▶ [Collected data]

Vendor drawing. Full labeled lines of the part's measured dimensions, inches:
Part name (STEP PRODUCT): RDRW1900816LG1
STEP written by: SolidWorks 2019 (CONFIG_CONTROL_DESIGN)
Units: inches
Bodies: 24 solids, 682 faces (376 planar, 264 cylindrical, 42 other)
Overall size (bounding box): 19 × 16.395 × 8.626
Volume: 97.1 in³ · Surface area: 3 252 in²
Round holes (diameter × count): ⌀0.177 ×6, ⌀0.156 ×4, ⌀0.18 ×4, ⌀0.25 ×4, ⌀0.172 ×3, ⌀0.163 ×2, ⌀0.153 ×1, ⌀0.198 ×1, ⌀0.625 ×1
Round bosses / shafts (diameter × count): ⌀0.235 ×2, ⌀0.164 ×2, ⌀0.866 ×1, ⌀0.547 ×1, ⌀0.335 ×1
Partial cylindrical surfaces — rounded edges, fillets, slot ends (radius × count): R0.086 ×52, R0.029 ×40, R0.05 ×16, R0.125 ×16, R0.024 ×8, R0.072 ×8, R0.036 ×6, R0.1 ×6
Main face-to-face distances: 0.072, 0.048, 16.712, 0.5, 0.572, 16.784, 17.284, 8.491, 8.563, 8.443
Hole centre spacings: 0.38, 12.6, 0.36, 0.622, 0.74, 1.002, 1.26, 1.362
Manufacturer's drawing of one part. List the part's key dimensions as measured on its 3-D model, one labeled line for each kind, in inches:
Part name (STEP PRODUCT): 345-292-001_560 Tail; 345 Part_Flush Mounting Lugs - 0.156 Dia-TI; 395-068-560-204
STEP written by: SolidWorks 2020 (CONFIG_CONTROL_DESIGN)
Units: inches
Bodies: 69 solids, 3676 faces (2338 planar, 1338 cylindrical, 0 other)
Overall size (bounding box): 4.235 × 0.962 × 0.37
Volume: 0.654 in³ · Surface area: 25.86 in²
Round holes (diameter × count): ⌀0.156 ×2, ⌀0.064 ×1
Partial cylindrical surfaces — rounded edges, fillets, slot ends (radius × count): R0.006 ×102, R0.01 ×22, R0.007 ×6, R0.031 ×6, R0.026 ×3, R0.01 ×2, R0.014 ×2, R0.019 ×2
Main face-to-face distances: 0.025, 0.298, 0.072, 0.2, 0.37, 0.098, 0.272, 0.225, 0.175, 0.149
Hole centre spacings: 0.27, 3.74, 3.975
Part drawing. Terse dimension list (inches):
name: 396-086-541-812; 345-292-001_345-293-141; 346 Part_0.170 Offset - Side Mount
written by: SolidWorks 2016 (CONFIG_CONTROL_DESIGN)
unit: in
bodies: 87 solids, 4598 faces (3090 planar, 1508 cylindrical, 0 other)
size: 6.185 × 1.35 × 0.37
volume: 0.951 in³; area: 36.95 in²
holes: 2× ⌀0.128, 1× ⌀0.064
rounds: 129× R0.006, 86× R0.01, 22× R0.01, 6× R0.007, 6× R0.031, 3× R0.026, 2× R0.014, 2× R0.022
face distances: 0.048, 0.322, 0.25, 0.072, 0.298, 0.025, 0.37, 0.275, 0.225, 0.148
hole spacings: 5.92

▶ [Activity]
Which lines of the records above hold the word "surfaces"? Copy each of them.

▶ [Answer for this exercise]
Partial cylindrical surfaces — rounded edges, fillets, slot ends (radius × count): R0.086 ×52, R0.029 ×40, R0.05 ×16, R0.125 ×16, R0.024 ×8, R0.072 ×8, R0.036 ×6, R0.1 ×6
Partial cylindrical surfaces — rounded edges, fillets, slot ends (radius × count): R0.006 ×102, R0.01 ×22, R0.007 ×6, R0.031 ×6, R0.026 ×3, R0.01 ×2, R0.014 ×2, R0.019 ×2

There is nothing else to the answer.